--- START ---

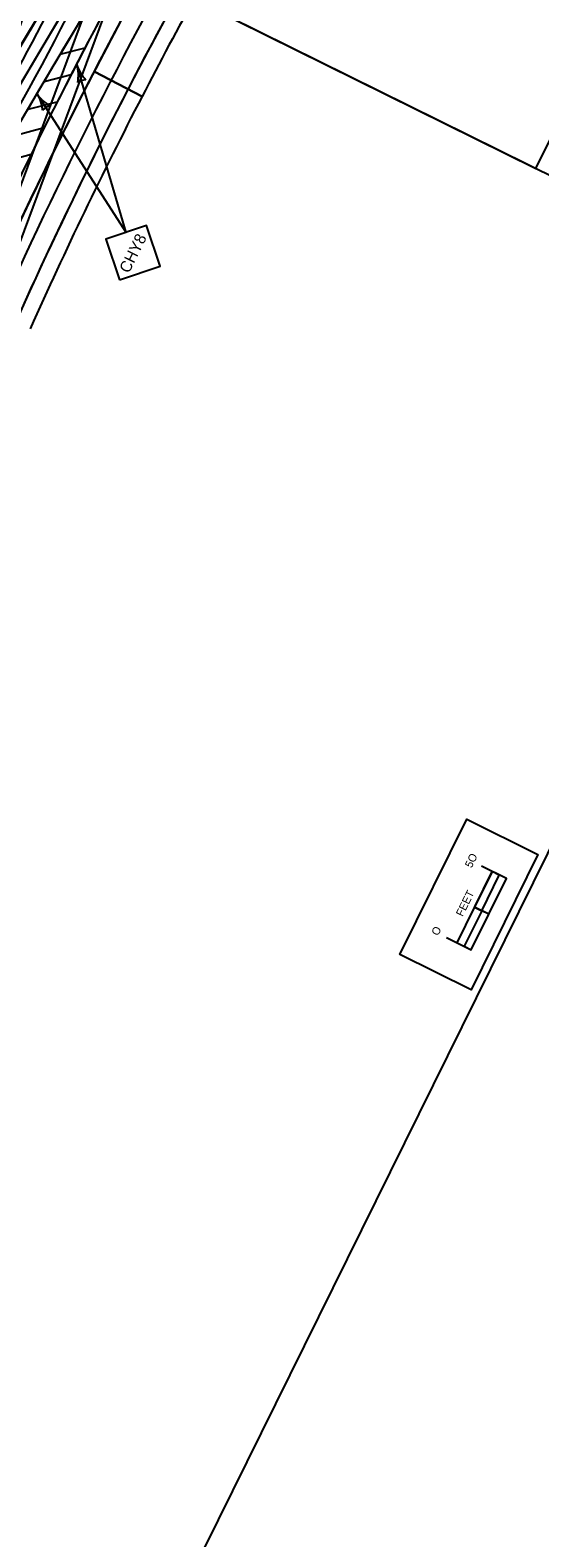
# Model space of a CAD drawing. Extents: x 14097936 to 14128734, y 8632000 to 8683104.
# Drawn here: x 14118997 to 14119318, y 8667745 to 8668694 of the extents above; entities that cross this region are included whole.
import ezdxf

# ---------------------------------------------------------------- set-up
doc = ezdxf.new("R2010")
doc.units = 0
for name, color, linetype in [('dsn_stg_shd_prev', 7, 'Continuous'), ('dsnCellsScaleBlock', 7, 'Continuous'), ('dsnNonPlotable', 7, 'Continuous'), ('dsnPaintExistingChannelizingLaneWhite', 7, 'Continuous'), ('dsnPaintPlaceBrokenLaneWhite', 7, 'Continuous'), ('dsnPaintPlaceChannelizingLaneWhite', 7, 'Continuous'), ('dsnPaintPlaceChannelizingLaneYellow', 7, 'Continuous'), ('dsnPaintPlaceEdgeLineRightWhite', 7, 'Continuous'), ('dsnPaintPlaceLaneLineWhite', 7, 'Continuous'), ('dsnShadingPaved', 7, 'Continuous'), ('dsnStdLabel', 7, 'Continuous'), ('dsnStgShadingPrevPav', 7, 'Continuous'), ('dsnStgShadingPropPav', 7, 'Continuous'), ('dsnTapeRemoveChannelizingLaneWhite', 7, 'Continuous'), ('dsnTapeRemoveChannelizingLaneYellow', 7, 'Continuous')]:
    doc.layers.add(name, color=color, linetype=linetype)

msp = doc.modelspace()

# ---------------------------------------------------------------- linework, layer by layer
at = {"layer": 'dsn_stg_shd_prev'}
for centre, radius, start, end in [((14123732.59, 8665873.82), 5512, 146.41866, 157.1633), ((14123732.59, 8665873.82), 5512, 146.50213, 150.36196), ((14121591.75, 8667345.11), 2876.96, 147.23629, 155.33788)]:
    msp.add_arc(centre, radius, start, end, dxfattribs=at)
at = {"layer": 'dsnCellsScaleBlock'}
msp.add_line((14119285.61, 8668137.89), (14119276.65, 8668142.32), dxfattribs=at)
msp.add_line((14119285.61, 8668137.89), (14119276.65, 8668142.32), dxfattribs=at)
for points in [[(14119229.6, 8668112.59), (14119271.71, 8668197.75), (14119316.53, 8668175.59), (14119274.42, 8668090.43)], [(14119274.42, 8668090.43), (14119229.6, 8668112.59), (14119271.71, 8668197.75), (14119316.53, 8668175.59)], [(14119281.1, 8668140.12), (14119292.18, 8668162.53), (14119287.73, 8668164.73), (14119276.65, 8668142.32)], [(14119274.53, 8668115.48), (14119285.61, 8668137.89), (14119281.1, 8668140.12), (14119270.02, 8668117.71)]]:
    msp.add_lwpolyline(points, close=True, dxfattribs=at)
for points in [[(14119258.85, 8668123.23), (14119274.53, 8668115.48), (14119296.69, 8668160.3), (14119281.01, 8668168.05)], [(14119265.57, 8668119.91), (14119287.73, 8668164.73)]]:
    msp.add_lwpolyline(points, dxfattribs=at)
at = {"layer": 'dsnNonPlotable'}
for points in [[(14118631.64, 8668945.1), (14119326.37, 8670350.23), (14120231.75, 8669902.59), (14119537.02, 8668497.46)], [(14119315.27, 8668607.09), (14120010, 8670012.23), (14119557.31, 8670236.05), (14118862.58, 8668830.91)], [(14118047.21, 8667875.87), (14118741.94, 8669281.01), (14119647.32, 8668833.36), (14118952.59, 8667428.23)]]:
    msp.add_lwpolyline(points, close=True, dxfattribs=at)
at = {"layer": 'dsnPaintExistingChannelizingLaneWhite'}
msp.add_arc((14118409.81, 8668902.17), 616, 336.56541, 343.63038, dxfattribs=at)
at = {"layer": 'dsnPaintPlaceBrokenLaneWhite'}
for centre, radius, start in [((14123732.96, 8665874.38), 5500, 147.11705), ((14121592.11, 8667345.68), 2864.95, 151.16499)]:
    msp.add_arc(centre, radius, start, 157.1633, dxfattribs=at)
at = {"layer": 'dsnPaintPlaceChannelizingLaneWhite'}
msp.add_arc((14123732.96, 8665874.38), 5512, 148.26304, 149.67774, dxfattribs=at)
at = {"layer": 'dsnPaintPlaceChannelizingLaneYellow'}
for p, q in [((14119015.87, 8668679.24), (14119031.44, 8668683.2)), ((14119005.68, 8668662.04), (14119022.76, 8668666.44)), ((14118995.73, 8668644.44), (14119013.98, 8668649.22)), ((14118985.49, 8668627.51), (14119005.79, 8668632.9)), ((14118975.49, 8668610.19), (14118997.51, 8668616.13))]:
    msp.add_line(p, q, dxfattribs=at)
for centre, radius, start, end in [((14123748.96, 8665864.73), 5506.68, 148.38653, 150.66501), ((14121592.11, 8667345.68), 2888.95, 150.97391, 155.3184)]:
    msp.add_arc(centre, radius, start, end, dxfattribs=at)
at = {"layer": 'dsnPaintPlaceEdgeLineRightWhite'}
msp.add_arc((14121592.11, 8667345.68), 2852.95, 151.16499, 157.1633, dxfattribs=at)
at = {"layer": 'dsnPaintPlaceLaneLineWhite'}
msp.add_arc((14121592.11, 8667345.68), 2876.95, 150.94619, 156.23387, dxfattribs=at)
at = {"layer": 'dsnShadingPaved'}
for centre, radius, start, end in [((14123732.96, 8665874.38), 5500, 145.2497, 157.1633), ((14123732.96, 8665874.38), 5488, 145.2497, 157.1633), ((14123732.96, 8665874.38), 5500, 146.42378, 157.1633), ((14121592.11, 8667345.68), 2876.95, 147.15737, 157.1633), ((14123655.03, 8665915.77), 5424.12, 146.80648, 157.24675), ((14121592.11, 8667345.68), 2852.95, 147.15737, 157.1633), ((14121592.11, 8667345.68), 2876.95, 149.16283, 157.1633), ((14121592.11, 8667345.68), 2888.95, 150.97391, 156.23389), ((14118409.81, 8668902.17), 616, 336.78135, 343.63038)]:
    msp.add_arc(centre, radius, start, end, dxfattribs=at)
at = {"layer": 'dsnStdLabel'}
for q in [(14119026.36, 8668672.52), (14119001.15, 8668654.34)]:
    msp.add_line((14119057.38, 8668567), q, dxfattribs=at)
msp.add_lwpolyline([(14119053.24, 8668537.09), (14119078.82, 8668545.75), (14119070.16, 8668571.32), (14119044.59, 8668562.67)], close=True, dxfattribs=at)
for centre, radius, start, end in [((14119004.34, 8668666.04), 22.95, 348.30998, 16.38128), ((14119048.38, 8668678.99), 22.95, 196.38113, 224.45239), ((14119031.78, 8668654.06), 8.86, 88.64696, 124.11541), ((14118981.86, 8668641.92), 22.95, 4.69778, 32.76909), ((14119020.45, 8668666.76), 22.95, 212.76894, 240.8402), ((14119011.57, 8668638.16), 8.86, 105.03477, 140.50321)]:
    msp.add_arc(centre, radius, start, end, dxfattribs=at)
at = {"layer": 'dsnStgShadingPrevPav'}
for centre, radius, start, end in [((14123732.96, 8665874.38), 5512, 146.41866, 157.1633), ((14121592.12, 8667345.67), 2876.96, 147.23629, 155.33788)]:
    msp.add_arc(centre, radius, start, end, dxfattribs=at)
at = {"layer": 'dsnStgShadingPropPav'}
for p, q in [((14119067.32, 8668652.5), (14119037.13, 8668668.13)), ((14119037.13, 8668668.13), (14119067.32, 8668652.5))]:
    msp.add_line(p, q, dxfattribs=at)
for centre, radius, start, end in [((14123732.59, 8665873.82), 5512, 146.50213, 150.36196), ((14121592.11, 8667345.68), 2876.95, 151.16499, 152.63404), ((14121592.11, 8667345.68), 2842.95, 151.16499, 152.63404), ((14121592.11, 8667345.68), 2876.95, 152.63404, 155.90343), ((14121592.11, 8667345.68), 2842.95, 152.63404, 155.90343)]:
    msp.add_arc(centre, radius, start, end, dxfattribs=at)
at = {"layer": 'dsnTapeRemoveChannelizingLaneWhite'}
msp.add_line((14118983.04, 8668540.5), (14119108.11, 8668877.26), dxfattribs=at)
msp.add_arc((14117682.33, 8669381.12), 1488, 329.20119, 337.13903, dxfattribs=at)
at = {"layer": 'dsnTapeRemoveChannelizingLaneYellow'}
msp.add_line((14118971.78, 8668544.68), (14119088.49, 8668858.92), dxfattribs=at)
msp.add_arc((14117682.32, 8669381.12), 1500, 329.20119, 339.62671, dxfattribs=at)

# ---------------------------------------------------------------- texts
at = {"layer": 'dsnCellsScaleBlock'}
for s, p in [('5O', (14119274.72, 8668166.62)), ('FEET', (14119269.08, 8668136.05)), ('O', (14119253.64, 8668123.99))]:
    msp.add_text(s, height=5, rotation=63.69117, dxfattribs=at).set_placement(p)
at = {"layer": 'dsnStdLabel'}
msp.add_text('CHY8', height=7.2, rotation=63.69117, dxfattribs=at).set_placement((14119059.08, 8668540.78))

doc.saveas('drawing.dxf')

--- END ---

**WHAT YOU NEED TO DO**
Your task is to transcribe the line containing "329.20119, 337.13903, dxfattribs=at)" and every line after it, through the last line of the data, exactly as written and with nothing more.

**ANSWER TO THIS TASK**
msp.add_arc((14117682.33, 8669381.12), 1488, 329.20119, 337.13903, dxfattribs=at)
at = {"layer": 'dsnTapeRemoveChannelizingLaneYellow'}
msp.add_line((14118971.78, 8668544.68), (14119088.49, 8668858.92), dxfattribs=at)
msp.add_arc((14117682.32, 8669381.12), 1500, 329.20119, 339.62671, dxfattribs=at)

# ---------------------------------------------------------------- texts
at = {"layer": 'dsnCellsScaleBlock'}
for s, p in [('5O', (14119274.72, 8668166.62)), ('FEET', (14119269.08, 8668136.05)), ('O', (14119253.64, 8668123.99))]:
    msp.add_text(s, height=5, rotation=63.69117, dxfattribs=at).set_placement(p)
at = {"layer": 'dsnStdLabel'}
msp.add_text('CHY8', height=7.2, rotation=63.69117, dxfattribs=at).set_placement((14119059.08, 8668540.78))

doc.saveas('drawing.dxf')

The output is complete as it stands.